Electroneuromyography and Neuromuscular Diseases Unit, Hôpital Pierre Wertheimer, Hospices Civils de Lyon, Bron, France.
Electroneuromyography and Neuromuscular Diseases Unit, Hôpital Pierre Wertheimer, Hospices Civils de Lyon, Bron, France; Institut NeuroMyoGène, Université Lyon1 - CNRS UMR 5310 - INSERM U1217, Lyon, France.
Neurophysiol Clin. 2022 Oct;52(5):398-403. doi: 10.1016/j.neucli.2022.09.004. Epub 2022 Oct 7.
We report the case of a 19-year-old patient with an acute-onset non-traumatic coma. Brain MRI scan was normal, CSF showed mild pleocytosis and moderately elevated protein, and continuous EEG-monitoring was compatible with spindle-coma. Cortical somatosensory evoked potentials (SSEPs) and middle-latency auditory evoked potentials (MLAEPs) were bilaterally absent, and brainstem auditory evoked potentials suggested a brainstem dysfunction. Serum anti-GQ1b and anti-GT1a IgG antibodies positivity suggested Bickerstaff's brainstem encephalitis (BBE). The clinical and functional outcomes were favorable and normal cortical SSEPs/MLAEPs reappeared in a few weeks. Based on this report, in cases of unexplained MRI-negative coma with neurophysiological evidence of brainstem dysfunction, BBE should be eliminated before considering withdrawal of life-sustaining therapy (WLST).

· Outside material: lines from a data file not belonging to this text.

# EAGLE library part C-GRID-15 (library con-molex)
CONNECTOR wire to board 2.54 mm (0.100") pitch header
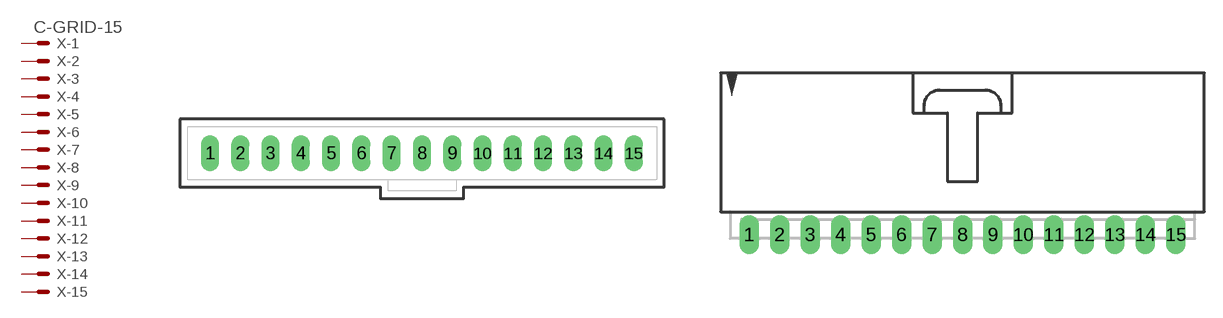
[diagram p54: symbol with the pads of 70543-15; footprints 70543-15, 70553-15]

Designator prefix X; gates -1=MV -2=M -3=M -4=M -5=M -6=M -7=M -8=M -9=M -10=M -11=M -12=M -13=M -14=M -15=M

## C-GRID-15-70543 (OC_FARNELL: unknown; OC_NEWARK: unknown)  [70543-15]
1  -1:S  pas
2  -2:S  pas
3  -3:S  pas
4  -4:S  pas
5  -5:S  pas
6  -6:S  pas
7  -7:S  pas
8  -8:S  pas
9  -9:S  pas
10  -10:S  pas
11  -11:S  pas
12  -12:S  pas
13  -13:S  pas
14  -14:S  pas
15  -15:S  pas

## C-GRID-15-70553 (OC_FARNELL: unknown; OC_NEWARK: unknown)  [70553-15]
Pads as for 70543-15

## C-GRID-15-74099 (OC_FARNELL: unknown; OC_NEWARK: unknown)  [74099-15]
Pads as for 70543-15

## C-GRID-15-15-91 (OC_FARNELL: unknown; OC_NEWARK: unknown)  [15-91-15]
Pads as for 70543-15

## Footprint 70543-15 (pad centres in mm)
C-Grid SL Connector vertical, 15 pin
drill 1.016 long: 1 -17.78,0; 2 -15.24,0; 3 -12.7,0; 4 -10.16,0; 5 -7.62,0; 6 -5.08,0; 7 -2.54,0; 8 0,0; 9 2.54,0; 10 5.08,0; 11 7.62,0; 12 10.16,0; 13 12.7,0; 14 15.24,0; 15 17.78,0

## Footprint 70553-15 (pad centres in mm)
C-Grid SL Connector right angle, 15 pin
drill 1.092 long: 1 -17.78,-7.62; 2 -15.24,-7.62; 3 -12.7,-7.62; 4 -10.16,-7.62; 5 -7.62,-7.62; 6 -5.08,-7.62; 7 -2.54,-7.62; 8 0,-7.62; 9 2.54,-7.62; 10 5.08,-7.62; 11 7.62,-7.62; 12 10.16,-7.62; 13 12.7,-7.62; 14 15.24,-7.62; 15 17.78,-7.62

## Footprint 74099-15 (pad centres in mm)
C-Grid SL Connector vertical SMD, 15 pin
smd 1.27 x 3.175: 1 -17.78,-2.223; 2 -15.24,2.223; 3 -12.7,-2.223; 4 -10.16,2.223; 5 -7.62,-2.223; 6 -5.08,2.223; 7 -2.54,-2.223; 8 0,2.223; 9 2.54,-2.223; 10 5.08,2.223; 11 7.62,-2.223; 12 10.16,2.223; 13 12.7,-2.223; 14 15.24,2.223; 15 17.78,-2.223

## Footprint 15-91-15 (pad centres in mm)
C-Grid SL Connector right angle SMD, 15 pin
smd 1.651 x 5.334: 1 -17.78,-10.795; 2 -15.24,-10.795; 3 -12.7,-10.795; 4 -10.16,-10.795; 5 -7.62,-10.795; 6 -5.08,-10.795; 7 -2.54,-10.795; 8 0,-10.795; 9 2.54,-10.795; 10 5.08,-10.795; 11 7.62,-10.795; 12 10.16,-10.795; 13 12.7,-10.795; 14 15.24,-10.795; 15 17.78,-10.795
hole 3.404 at -19.177,0.838
hole 3.404 at 19.177,0.838
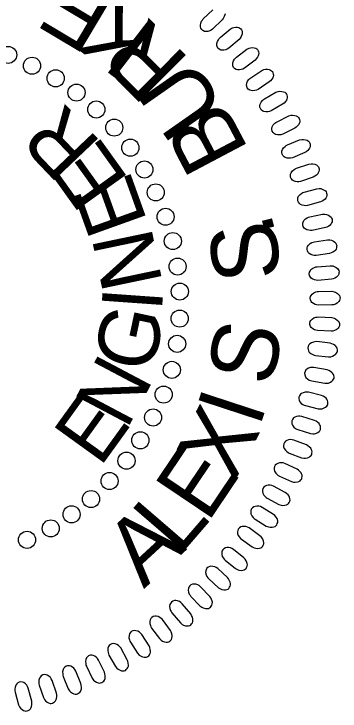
# Model space of a CAD drawing. Extents: x 477288 to 478604, y 497629 to 499448.
# Drawn here: x 477429.2 to 477459.8, y 499208.8 to 499274.1 of the extents above; entities that cross this region are included whole.
import ezdxf

# ---------------------------------------------------------------- set-up
doc = ezdxf.new("R2010")
doc.units = 0
doc.layers.add('Sheet PE Seal Cell', color=7, linetype='Continuous')

msp = doc.modelspace()

# ---------------------------------------------------------------- linework, layer by layer
at = {"layer": 'Sheet PE Seal Cell'}
msp.add_lwpolyline([(477449.002, 499274.089), (477448.987, 499273.991), (477448.925, 499273.838), (477448.838, 499273.671), (477448.739, 499273.544), (477447.839, 499272.667), (477447.7, 499272.566), (477447.568, 499272.502), (477447.392, 499272.456), (477447.213, 499272.439), (477447.088, 499272.454), (477446.936, 499272.526), (477446.818, 499272.62), (477446.743, 499272.756), (477446.707, 499272.865), (477446.69, 499273.026), (477446.729, 499273.229), (477446.812, 499273.403), (477446.885, 499273.514), (477446.968, 499273.615), (477447.852, 499274.465)], dxfattribs=at)
for points in [[(477448.552, 499271.872), (477449.487, 499272.666), (477449.679, 499272.779), (477449.819, 499272.83), (477450.021, 499272.854), (477450.168, 499272.851), (477450.301, 499272.817), (477450.399, 499272.764), (477450.487, 499272.69), (477450.544, 499272.592), (477450.599, 499272.481), (477450.621, 499272.363), (477450.612, 499272.219), (477450.59, 499272.121), (477450.52, 499271.973), (477450.421, 499271.811), (477450.315, 499271.691), (477449.361, 499270.873), (477449.217, 499270.78), (477449.082, 499270.724), (477448.902, 499270.689), (477448.723, 499270.684), (477448.599, 499270.707), (477448.452, 499270.788), (477448.34, 499270.89), (477448.273, 499271.029), (477448.244, 499271.141), (477448.237, 499271.302), (477448.29, 499271.503), (477448.383, 499271.671), (477448.463, 499271.777)], [(477450.074, 499270.046), (477451.058, 499270.779), (477451.256, 499270.88), (477451.399, 499270.922), (477451.602, 499270.934), (477451.748, 499270.921), (477451.879, 499270.879), (477451.974, 499270.819), (477452.057, 499270.74), (477452.107, 499270.639), (477452.155, 499270.525), (477452.17, 499270.406), (477452.152, 499270.262), (477452.124, 499270.166), (477452.044, 499270.023), (477451.936, 499269.868), (477451.822, 499269.754), (477450.819, 499268.998), (477450.669, 499268.914), (477450.53, 499268.867), (477450.349, 499268.843), (477450.17, 499268.849), (477450.048, 499268.88), (477449.906, 499268.97), (477449.8, 499269.078), (477449.744, 499269.221), (477449.721, 499269.336), (477449.724, 499269.497), (477449.789, 499269.694), (477449.893, 499269.856), (477449.979, 499269.956)], [(477451.417, 499268.111), (477452.445, 499268.781), (477452.649, 499268.869), (477452.794, 499268.902), (477452.998, 499268.901), (477453.143, 499268.879), (477453.271, 499268.828), (477453.361, 499268.763), (477453.44, 499268.679), (477453.483, 499268.575), (477453.524, 499268.458), (477453.532, 499268.338), (477453.504, 499268.196), (477453.471, 499268.102), (477453.382, 499267.964), (477453.264, 499267.816), (477453.143, 499267.71), (477452.094, 499267.018), (477451.94, 499266.944), (477451.798, 499266.905), (477451.616, 499266.893), (477451.438, 499266.911), (477451.318, 499266.949), (477451.182, 499267.047), (477451.083, 499267.162), (477451.036, 499267.309), (477451.02, 499267.424), (477451.034, 499267.584), (477451.111, 499267.777), (477451.225, 499267.932), (477451.317, 499268.028)], [(477452.708, 499266.142), (477453.776, 499266.746), (477453.985, 499266.821), (477454.132, 499266.845), (477454.335, 499266.831), (477454.478, 499266.8), (477454.603, 499266.742), (477454.689, 499266.671), (477454.762, 499266.583), (477454.799, 499266.475), (477454.832, 499266.357), (477454.832, 499266.236), (477454.797, 499266.096), (477454.757, 499266.004), (477454.66, 499265.872), (477454.533, 499265.732), (477454.405, 499265.634), (477453.315, 499265.009), (477453.156, 499264.945), (477453.013, 499264.915), (477452.83, 499264.914), (477452.653, 499264.943), (477452.536, 499264.989), (477452.406, 499265.095), (477452.315, 499265.216), (477452.276, 499265.365), (477452.269, 499265.482), (477452.293, 499265.641), (477452.381, 499265.828), (477452.504, 499265.976), (477452.602, 499266.065)], [(477453.875, 499263.99), (477454.978, 499264.526), (477455.191, 499264.588), (477455.34, 499264.602), (477455.542, 499264.576), (477455.683, 499264.536), (477455.804, 499264.47), (477455.885, 499264.393), (477455.952, 499264.3), (477455.983, 499264.191), (477456.008, 499264.071), (477456, 499263.951), (477455.956, 499263.813), (477455.911, 499263.724), (477455.805, 499263.598), (477455.67, 499263.466), (477455.536, 499263.376), (477454.409, 499262.82), (477454.247, 499262.767), (477454.102, 499262.746), (477453.92, 499262.757), (477453.745, 499262.797), (477453.63, 499262.85), (477453.508, 499262.965), (477453.425, 499263.09), (477453.396, 499263.242), (477453.395, 499263.358), (477453.428, 499263.516), (477453.529, 499263.697), (477453.661, 499263.837), (477453.764, 499263.92)], [(477454.855, 499261.812), (477455.991, 499262.278), (477456.207, 499262.327), (477456.357, 499262.332), (477456.556, 499262.292), (477456.695, 499262.244), (477456.811, 499262.17), (477456.888, 499262.089), (477456.948, 499261.992), (477456.972, 499261.882), (477456.99, 499261.759), (477456.975, 499261.64), (477456.922, 499261.505), (477456.871, 499261.42), (477456.758, 499261.3), (477456.615, 499261.177), (477456.475, 499261.096), (477455.316, 499260.612), (477455.15, 499260.568), (477455.005, 499260.557), (477454.822, 499260.579), (477454.651, 499260.63), (477454.54, 499260.69), (477454.425, 499260.812), (477454.35, 499260.943), (477454.331, 499261.096), (477454.337, 499261.212), (477454.38, 499261.368), (477454.492, 499261.542), (477454.633, 499261.673), (477454.741, 499261.75)], [(477455.703, 499259.623), (477456.866, 499260.016), (477457.085, 499260.051), (477457.234, 499260.047), (477457.431, 499259.995), (477457.566, 499259.937), (477457.678, 499259.857), (477457.749, 499259.771), (477457.803, 499259.67), (477457.82, 499259.558), (477457.83, 499259.436), (477457.808, 499259.317), (477457.746, 499259.186), (477457.69, 499259.104), (477457.57, 499258.992), (477457.419, 499258.878), (477457.275, 499258.805), (477456.087, 499258.395), (477455.92, 499258.362), (477455.773, 499258.36), (477455.593, 499258.394), (477455.425, 499258.455), (477455.318, 499258.522), (477455.211, 499258.651), (477455.145, 499258.787), (477455.135, 499258.941), (477455.148, 499259.056), (477455.201, 499259.208), (477455.324, 499259.376), (477455.473, 499259.498), (477455.585, 499259.567)], [(477456.429, 499257.386), (477457.614, 499257.706), (477457.835, 499257.727), (477457.983, 499257.714), (477458.177, 499257.649), (477458.308, 499257.584), (477458.414, 499257.496), (477458.479, 499257.406), (477458.528, 499257.302), (477458.538, 499257.189), (477458.541, 499257.066), (477458.51, 499256.95), (477458.441, 499256.822), (477458.379, 499256.744), (477458.252, 499256.639), (477458.095, 499256.535), (477457.947, 499256.472), (477456.735, 499256.137), (477456.566, 499256.115), (477456.419, 499256.122), (477456.242, 499256.167), (477456.078, 499256.238), (477455.975, 499256.312), (477455.877, 499256.448), (477455.819, 499256.587), (477455.819, 499256.742), (477455.84, 499256.856), (477455.902, 499257.004), (477456.035, 499257.163), (477456.191, 499257.276), (477456.308, 499257.338)], [(477456.947, 499255.07), (477458.15, 499255.314), (477458.372, 499255.322), (477458.519, 499255.299), (477458.708, 499255.222), (477458.835, 499255.15), (477458.935, 499255.055), (477458.995, 499254.961), (477459.037, 499254.855), (477459.039, 499254.741), (477459.034, 499254.618), (477458.996, 499254.503), (477458.919, 499254.381), (477458.853, 499254.306), (477458.72, 499254.211), (477458.556, 499254.116), (477458.404, 499254.063), (477457.174, 499253.804), (477457.004, 499253.792), (477456.858, 499253.809), (477456.684, 499253.865), (477456.524, 499253.947), (477456.427, 499254.026), (477456.337, 499254.168), (477456.288, 499254.311), (477456.297, 499254.465), (477456.325, 499254.577), (477456.397, 499254.722), (477456.54, 499254.873), (477456.702, 499254.975), (477456.823, 499255.03)], [(477457.394, 499252.743), (477458.61, 499252.911), (477458.832, 499252.904), (477458.978, 499252.872), (477459.161, 499252.784), (477459.283, 499252.703), (477459.378, 499252.602), (477459.432, 499252.505), (477459.466, 499252.396), (477459.462, 499252.283), (477459.449, 499252.16), (477459.405, 499252.048), (477459.32, 499251.93), (477459.249, 499251.86), (477459.11, 499251.773), (477458.941, 499251.689), (477458.786, 499251.645), (477457.542, 499251.465), (477457.371, 499251.464), (477457.227, 499251.489), (477457.056, 499251.556), (477456.903, 499251.647), (477456.81, 499251.733), (477456.729, 499251.88), (477456.689, 499252.026), (477456.708, 499252.179), (477456.743, 499252.29), (477456.823, 499252.43), (477456.975, 499252.571), (477457.144, 499252.663), (477457.269, 499252.709)], [(477457.648, 499250.402), (477458.871, 499250.494), (477459.092, 499250.473), (477459.236, 499250.432), (477459.414, 499250.332), (477459.531, 499250.244), (477459.618, 499250.138), (477459.666, 499250.037), (477459.694, 499249.925), (477459.682, 499249.813), (477459.662, 499249.692), (477459.61, 499249.583), (477459.518, 499249.471), (477459.443, 499249.405), (477459.299, 499249.327), (477459.125, 499249.253), (477458.967, 499249.219), (477457.715, 499249.117), (477457.544, 499249.127), (477457.401, 499249.162), (477457.236, 499249.239), (477457.088, 499249.34), (477457.001, 499249.431), (477456.93, 499249.583), (477456.899, 499249.731), (477456.927, 499249.883), (477456.969, 499249.991), (477457.059, 499250.125), (477457.219, 499250.257), (477457.393, 499250.338), (477457.52, 499250.377)], [(477457.772, 499248.079), (477458.998, 499248.094), (477459.218, 499248.06), (477459.359, 499248.009), (477459.53, 499247.899), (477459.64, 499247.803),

我们报告了一例 19 岁患者突发非外伤性昏迷。脑 MRI 扫描正常,CSF 显示轻度白细胞增多和中度升高的蛋白,连续 EEG 监测与纺锤昏迷相符。皮质体感诱发电位(SSEP)和中潜伏期听觉诱发电位(MLAEP)双侧缺失,脑干听觉诱发电位提示脑干功能障碍。血清抗 GQ1b 和抗 GT1a IgG 抗体阳性提示 Bickerstaff 脑干脑炎(BBE)。临床和功能结局良好,数周后正常皮质 SSEP/MLAEP 再次出现。基于此报告,对于原因不明的 MRI 阴性昏迷且神经生理学证据提示脑干功能障碍的病例,在考虑停止生命支持治疗(WLST)之前,应排除 BBE。